A state fund that helped fuel one of the world’s best stock rallies this year has almost been depleted, reports Bloomberg.
The Istanbul bourse has benefited from rising profit expectations after the government delved into the Credit Guarantee Fund, which backstops bank loans to non-financial companies, driving a revival in borrowing. Earnings forecasts for members of Turkey’s benchmark stock index increased 21 percent this year, five times the growth rate for South African and Russian stocks.
With officials dispensing more than 80 percent of the 250 billion lira ($71 billion) fund since November, some investors question how Turkey’s Borsa Istanbul 100 Index will maintain a rally that boosted the gauge 37 percent this year, the best in the world after Ukraine and Nigeria. Cemil Ertem, one of President Recep Tayyip Erdogan’s economic advisers, said in a Milliyet newspaper column Tuesday that the facility will “deepen and continue,” but no announcement has been made about raising the fund’s ceiling.
“We’re positive on Turkey, but the question here is: does the government have any more cards up its sleeves to keep this rally going into 2018?” said Anastasia Levashova, a London-based fund manager who helps oversee more than $250 million of emerging equities at Blackfriars Asset Management Ltd.

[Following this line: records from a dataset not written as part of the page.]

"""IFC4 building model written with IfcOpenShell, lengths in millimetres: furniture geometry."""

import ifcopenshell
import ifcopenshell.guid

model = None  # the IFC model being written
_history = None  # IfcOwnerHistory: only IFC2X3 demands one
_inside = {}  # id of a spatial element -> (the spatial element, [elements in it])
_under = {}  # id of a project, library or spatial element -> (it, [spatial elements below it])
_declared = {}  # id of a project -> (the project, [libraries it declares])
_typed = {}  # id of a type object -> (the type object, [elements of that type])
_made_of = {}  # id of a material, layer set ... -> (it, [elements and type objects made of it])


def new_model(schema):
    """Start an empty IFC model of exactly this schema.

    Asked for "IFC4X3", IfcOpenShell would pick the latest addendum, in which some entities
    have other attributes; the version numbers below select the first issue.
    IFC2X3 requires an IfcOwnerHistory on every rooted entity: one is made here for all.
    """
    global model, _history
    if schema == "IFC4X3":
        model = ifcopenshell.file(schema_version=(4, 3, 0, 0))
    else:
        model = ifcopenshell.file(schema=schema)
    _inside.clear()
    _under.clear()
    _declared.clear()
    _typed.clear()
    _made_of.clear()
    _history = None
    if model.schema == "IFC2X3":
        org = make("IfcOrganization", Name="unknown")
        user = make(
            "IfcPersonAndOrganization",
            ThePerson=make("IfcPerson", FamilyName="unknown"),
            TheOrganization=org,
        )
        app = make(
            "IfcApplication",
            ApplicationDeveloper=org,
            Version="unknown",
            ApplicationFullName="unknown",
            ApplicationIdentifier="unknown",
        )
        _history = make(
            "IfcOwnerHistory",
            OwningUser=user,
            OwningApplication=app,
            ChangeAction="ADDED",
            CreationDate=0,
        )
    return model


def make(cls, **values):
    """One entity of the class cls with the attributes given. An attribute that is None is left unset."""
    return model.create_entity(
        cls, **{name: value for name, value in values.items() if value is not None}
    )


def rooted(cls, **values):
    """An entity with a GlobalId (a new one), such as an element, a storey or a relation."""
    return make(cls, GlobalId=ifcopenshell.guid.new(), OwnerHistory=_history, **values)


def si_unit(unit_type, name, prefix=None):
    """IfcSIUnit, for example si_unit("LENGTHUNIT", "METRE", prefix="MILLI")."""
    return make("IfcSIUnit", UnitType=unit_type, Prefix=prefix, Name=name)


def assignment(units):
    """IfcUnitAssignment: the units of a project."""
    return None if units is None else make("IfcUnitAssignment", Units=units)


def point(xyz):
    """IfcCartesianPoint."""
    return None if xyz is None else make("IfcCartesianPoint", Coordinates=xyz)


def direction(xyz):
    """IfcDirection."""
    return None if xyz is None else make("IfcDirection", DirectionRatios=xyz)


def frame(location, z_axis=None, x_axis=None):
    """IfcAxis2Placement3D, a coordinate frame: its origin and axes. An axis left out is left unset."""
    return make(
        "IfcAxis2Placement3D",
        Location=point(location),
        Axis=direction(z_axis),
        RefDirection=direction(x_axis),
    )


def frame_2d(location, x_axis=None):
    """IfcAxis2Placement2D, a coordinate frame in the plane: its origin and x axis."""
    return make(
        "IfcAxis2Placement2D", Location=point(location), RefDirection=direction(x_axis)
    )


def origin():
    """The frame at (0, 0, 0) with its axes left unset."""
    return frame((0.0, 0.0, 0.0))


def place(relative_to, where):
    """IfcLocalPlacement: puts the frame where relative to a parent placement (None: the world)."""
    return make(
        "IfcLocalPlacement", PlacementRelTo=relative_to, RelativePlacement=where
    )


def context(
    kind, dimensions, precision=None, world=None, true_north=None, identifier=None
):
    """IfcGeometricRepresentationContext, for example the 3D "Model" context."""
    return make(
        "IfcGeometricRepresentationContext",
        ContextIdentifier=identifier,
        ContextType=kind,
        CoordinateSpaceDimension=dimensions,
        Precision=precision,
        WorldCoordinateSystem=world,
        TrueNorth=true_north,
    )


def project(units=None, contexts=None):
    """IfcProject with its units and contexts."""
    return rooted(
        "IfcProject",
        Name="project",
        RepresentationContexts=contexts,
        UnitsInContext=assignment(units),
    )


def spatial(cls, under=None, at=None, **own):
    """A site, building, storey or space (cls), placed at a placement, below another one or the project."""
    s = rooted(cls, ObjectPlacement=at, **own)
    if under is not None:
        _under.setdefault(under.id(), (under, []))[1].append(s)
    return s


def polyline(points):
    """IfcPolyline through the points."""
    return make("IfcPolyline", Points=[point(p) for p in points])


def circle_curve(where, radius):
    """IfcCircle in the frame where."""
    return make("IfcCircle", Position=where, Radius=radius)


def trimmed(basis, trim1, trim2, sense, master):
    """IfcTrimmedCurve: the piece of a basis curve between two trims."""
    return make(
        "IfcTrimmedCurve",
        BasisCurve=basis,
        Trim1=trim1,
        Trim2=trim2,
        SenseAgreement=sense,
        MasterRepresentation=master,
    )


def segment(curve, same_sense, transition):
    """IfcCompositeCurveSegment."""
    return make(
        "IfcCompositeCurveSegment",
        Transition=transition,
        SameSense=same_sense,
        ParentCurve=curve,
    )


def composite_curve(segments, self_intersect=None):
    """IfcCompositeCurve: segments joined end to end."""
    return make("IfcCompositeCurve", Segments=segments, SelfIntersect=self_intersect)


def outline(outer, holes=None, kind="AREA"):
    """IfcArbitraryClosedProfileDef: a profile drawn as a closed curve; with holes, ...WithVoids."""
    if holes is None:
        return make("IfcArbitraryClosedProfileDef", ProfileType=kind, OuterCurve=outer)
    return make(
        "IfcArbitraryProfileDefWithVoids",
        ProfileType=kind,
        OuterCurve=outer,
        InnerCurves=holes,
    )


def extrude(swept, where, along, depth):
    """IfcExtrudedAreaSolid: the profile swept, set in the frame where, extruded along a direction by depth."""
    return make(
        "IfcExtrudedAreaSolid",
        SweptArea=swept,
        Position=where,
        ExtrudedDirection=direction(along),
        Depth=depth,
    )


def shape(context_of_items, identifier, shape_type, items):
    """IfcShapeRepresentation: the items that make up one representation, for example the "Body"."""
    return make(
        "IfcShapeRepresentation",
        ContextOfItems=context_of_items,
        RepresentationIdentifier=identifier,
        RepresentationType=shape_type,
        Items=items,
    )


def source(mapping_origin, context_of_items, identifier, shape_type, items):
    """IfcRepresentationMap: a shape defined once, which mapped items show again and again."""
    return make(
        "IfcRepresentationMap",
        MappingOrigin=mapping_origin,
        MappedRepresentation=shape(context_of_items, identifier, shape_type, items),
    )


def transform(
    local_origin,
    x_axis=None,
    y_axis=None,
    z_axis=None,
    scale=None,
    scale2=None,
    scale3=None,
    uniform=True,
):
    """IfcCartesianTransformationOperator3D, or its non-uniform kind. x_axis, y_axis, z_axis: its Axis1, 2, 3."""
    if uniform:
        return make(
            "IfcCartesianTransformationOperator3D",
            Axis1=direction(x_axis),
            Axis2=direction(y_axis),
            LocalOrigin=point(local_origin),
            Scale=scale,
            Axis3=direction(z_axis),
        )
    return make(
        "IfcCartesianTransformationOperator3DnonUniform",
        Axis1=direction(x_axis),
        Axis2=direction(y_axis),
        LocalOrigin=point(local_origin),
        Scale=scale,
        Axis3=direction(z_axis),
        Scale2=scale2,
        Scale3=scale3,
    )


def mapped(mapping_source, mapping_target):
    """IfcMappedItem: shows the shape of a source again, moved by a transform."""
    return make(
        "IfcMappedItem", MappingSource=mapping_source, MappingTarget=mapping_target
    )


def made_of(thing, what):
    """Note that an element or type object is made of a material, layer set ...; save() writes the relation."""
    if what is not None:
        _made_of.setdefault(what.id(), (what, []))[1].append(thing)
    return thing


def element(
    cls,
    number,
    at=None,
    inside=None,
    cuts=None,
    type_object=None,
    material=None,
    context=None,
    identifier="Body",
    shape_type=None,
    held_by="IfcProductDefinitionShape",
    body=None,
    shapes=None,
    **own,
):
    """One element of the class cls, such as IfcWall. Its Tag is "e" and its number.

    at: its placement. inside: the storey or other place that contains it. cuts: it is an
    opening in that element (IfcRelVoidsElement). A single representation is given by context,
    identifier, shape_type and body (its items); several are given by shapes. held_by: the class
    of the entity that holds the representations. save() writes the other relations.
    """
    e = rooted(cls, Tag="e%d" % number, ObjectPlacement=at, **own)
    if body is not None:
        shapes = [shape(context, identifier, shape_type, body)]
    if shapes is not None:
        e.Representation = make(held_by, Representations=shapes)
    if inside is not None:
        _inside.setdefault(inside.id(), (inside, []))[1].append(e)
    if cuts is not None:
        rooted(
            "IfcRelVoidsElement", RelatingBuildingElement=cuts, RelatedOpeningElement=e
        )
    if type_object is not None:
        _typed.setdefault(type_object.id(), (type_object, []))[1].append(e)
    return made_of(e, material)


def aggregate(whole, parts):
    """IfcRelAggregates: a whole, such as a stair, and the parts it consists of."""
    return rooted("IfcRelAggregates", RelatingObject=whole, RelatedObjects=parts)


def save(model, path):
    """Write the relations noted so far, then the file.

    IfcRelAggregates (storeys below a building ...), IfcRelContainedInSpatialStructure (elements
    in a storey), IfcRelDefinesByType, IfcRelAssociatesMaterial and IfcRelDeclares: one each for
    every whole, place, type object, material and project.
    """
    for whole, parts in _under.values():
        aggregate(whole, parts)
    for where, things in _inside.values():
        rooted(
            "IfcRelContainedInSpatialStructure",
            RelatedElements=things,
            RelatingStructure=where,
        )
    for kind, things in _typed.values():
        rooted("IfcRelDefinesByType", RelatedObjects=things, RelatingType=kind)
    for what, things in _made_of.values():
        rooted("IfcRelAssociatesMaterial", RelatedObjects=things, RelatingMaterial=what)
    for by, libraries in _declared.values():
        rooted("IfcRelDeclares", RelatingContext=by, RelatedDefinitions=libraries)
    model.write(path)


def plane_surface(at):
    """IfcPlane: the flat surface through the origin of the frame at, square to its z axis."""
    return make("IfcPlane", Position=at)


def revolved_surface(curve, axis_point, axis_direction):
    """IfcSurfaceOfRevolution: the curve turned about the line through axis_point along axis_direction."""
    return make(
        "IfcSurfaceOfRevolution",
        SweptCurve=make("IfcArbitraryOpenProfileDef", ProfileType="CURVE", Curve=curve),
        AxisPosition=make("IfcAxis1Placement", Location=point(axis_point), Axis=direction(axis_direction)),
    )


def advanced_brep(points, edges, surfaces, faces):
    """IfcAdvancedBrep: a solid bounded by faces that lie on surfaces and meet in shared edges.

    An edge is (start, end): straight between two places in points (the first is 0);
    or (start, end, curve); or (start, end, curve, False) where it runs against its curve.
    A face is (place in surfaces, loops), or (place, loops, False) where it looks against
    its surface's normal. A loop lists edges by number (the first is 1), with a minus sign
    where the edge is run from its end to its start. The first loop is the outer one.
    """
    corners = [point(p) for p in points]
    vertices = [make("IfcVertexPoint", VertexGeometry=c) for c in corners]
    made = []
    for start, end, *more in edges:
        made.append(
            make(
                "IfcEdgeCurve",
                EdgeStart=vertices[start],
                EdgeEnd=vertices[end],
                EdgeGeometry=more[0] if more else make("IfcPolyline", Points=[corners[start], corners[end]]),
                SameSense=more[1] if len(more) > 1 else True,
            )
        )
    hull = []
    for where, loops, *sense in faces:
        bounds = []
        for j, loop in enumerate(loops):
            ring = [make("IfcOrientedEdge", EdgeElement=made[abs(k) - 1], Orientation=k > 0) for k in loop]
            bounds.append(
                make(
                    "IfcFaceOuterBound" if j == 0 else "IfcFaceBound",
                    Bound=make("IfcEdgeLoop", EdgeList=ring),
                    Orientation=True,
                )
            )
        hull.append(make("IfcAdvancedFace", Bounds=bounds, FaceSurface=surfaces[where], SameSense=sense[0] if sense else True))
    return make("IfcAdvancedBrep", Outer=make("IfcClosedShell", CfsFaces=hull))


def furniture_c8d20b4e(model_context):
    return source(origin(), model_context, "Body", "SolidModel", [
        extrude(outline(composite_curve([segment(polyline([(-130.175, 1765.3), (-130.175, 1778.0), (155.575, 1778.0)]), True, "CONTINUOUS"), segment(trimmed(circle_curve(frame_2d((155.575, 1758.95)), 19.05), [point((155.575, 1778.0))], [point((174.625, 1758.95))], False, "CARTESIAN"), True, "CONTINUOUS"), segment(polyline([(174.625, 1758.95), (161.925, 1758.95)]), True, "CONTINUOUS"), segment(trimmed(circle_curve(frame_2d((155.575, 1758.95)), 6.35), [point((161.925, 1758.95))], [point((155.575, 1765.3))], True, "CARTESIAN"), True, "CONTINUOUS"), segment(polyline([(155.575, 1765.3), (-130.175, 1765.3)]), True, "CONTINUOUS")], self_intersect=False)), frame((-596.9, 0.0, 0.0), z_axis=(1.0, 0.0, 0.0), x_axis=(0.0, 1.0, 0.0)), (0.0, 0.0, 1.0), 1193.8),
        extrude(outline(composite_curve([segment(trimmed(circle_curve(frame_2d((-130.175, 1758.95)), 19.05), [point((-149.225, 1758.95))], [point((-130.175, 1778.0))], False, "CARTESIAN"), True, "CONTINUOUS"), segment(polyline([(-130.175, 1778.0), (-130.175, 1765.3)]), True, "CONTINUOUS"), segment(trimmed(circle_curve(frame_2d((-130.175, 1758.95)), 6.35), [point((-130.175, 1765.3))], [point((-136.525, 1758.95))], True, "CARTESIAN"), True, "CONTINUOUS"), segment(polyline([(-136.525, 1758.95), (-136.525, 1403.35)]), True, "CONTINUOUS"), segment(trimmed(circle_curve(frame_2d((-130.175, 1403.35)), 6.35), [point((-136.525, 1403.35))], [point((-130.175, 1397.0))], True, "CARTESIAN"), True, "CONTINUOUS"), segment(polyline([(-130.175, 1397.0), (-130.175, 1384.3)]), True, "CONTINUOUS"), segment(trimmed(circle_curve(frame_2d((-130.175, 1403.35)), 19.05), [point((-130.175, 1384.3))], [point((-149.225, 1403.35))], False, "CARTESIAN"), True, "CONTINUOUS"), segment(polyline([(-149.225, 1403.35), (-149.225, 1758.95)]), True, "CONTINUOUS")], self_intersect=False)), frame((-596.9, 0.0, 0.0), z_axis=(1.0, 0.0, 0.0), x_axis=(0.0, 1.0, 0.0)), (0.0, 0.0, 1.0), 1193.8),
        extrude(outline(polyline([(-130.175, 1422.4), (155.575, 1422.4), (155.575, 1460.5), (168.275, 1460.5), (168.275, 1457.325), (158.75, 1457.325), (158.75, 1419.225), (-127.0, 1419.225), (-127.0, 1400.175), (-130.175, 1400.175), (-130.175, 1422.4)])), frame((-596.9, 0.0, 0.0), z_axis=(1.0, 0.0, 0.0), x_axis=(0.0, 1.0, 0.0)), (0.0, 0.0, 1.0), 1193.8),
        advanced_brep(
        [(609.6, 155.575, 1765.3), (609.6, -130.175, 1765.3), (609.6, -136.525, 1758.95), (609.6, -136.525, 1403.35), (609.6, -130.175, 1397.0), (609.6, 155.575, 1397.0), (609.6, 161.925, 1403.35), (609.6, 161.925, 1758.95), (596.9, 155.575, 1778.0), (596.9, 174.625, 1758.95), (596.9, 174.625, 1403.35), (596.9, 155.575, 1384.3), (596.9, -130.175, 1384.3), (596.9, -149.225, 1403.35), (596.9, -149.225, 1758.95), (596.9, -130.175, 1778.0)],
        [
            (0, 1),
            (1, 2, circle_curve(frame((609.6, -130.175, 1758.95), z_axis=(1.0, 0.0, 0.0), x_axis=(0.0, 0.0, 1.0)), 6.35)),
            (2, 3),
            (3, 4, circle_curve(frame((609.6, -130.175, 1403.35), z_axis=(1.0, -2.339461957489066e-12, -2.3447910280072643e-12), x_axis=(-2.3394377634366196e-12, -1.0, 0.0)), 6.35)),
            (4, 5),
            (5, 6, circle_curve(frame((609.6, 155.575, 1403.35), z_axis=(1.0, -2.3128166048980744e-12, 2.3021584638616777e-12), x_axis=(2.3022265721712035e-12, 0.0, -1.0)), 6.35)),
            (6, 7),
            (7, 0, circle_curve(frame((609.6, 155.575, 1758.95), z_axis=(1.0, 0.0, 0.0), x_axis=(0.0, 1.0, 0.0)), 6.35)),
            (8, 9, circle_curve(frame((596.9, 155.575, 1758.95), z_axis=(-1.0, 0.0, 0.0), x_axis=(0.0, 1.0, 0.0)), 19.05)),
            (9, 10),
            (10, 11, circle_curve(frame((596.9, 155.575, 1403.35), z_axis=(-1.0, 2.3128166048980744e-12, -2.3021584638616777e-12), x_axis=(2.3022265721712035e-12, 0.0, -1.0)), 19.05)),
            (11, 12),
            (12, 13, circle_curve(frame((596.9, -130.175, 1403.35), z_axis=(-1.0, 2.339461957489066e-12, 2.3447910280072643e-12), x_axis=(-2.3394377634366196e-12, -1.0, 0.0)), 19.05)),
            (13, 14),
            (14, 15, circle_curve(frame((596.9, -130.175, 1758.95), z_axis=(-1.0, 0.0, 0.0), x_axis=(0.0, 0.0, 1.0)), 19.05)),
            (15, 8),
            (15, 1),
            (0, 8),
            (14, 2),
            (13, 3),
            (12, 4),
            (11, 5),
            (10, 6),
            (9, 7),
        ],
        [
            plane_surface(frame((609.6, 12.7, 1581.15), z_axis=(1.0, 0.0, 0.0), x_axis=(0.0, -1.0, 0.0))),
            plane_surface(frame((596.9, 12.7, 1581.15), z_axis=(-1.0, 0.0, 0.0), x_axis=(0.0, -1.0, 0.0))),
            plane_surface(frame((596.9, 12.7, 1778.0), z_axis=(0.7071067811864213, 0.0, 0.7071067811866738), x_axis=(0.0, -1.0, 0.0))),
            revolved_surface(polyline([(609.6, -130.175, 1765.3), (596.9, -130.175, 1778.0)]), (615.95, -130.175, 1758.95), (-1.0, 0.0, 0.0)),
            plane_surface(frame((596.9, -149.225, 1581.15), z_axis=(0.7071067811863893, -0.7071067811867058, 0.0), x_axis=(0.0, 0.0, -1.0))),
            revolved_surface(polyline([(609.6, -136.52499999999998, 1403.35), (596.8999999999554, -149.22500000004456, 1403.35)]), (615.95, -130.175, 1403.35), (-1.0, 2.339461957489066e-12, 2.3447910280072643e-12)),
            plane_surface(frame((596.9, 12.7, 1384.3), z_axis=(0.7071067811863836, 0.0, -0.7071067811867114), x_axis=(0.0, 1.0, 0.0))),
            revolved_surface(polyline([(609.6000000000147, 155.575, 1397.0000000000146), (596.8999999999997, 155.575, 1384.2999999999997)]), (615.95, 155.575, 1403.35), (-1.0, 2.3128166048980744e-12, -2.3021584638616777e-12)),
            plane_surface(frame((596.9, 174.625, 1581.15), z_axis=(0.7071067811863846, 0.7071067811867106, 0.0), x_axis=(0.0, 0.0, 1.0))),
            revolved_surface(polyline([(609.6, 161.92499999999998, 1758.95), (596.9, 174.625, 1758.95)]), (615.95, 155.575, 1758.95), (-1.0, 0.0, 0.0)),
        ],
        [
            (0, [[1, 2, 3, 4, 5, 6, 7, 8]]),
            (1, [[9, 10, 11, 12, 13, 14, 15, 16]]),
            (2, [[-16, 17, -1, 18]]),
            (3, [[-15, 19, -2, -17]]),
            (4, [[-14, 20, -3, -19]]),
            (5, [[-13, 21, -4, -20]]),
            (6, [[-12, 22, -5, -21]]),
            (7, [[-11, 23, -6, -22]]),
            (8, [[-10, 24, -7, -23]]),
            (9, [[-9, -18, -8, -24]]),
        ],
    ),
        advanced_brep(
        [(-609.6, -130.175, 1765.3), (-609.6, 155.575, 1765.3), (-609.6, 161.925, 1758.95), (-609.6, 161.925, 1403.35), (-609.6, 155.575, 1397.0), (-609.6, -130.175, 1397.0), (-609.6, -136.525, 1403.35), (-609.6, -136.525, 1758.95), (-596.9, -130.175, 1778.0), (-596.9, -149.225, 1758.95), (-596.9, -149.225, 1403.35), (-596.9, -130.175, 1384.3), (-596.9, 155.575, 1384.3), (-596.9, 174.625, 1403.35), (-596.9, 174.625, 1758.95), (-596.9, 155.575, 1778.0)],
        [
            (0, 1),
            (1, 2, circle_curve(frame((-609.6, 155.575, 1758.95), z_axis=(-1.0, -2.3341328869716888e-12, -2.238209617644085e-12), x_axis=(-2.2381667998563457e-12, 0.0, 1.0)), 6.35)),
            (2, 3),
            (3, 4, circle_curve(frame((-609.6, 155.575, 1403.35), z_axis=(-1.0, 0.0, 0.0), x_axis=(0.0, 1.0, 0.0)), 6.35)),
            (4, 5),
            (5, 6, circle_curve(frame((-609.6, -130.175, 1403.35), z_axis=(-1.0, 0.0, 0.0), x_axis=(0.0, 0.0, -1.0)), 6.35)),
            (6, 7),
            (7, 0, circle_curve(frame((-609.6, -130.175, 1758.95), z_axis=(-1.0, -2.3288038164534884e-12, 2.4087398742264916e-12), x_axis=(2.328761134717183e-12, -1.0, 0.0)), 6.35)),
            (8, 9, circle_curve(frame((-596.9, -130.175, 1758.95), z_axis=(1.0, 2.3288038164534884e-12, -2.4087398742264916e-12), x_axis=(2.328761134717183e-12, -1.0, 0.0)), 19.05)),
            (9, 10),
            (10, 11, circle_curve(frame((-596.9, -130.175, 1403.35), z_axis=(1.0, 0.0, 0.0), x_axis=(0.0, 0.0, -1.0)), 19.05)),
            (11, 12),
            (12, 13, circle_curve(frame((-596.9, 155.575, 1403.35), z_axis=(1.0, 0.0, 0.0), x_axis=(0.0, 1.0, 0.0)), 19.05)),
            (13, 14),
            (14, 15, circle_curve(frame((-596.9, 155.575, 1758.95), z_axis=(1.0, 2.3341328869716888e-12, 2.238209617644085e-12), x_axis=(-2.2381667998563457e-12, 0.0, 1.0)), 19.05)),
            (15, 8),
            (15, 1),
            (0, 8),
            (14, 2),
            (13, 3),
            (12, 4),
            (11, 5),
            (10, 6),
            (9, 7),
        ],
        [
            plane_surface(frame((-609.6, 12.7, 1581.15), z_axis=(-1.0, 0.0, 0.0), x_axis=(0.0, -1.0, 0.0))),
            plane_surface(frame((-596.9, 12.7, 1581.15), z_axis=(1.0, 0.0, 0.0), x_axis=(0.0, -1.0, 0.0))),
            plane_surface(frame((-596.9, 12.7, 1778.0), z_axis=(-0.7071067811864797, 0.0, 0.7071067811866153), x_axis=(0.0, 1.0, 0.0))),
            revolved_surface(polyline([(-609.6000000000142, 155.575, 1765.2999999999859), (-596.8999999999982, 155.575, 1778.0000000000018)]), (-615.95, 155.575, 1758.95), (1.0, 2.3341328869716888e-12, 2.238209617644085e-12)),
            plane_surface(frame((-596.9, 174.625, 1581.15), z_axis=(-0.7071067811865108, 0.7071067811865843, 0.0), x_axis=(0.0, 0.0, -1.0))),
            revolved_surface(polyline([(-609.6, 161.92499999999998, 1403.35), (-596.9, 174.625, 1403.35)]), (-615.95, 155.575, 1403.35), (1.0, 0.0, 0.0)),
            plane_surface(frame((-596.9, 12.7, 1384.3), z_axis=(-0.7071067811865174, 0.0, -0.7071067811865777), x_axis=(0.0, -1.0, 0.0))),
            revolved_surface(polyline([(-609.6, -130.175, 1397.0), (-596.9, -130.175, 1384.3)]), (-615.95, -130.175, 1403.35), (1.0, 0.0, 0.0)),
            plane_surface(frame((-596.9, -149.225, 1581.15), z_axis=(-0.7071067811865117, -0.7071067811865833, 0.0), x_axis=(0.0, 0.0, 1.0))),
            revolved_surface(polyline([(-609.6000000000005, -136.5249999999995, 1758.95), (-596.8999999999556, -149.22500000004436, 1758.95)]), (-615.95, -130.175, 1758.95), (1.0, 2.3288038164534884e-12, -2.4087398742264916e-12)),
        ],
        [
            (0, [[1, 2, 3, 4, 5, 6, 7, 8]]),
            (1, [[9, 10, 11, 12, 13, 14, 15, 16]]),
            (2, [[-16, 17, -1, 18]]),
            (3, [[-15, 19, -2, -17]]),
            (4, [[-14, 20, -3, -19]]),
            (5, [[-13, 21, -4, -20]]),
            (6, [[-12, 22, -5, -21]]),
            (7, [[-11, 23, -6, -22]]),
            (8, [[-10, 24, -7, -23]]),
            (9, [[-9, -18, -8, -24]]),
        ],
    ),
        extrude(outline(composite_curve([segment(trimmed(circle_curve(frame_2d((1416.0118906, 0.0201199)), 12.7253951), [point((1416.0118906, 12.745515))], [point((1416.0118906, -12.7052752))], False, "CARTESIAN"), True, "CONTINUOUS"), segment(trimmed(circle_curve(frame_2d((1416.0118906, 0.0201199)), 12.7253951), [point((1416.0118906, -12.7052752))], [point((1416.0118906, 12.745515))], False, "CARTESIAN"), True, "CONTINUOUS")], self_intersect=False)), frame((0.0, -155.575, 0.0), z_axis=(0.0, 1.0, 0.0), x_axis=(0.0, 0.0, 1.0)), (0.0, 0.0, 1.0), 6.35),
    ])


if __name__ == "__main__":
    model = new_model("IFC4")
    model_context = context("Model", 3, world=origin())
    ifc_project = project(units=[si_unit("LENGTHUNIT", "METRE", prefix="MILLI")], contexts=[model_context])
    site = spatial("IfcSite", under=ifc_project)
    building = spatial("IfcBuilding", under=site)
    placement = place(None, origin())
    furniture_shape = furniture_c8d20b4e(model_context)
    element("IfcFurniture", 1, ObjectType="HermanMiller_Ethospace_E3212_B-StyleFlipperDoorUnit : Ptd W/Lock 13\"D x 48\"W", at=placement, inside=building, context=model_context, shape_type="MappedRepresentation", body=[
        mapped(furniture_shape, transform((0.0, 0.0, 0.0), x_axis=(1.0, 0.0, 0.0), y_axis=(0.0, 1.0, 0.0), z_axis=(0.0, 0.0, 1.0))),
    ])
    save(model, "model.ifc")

Given that the fund is running out, “we’d look for an interest-rate cut to provide the next leg in this rally,” she said.
But that’s unlikely for now. Turkey’s central bank raised interest rates in January for the first time in three years in an effort to support the lira and tame inflation. It said on Tuesday it won’t loosen monetary conditions until there’s a noticeable improvement in inflation.
The fund’s impact on the stocks coincided with increased appetite for riskier assets as the U.S. Federal Reserve adopts a less hawkish tone. Turkey’s economy grew in the first quarter at a faster pace than anticipated and relative political stability returned after last year’s failed coup attempt, which also boosted the stocks’ appeal.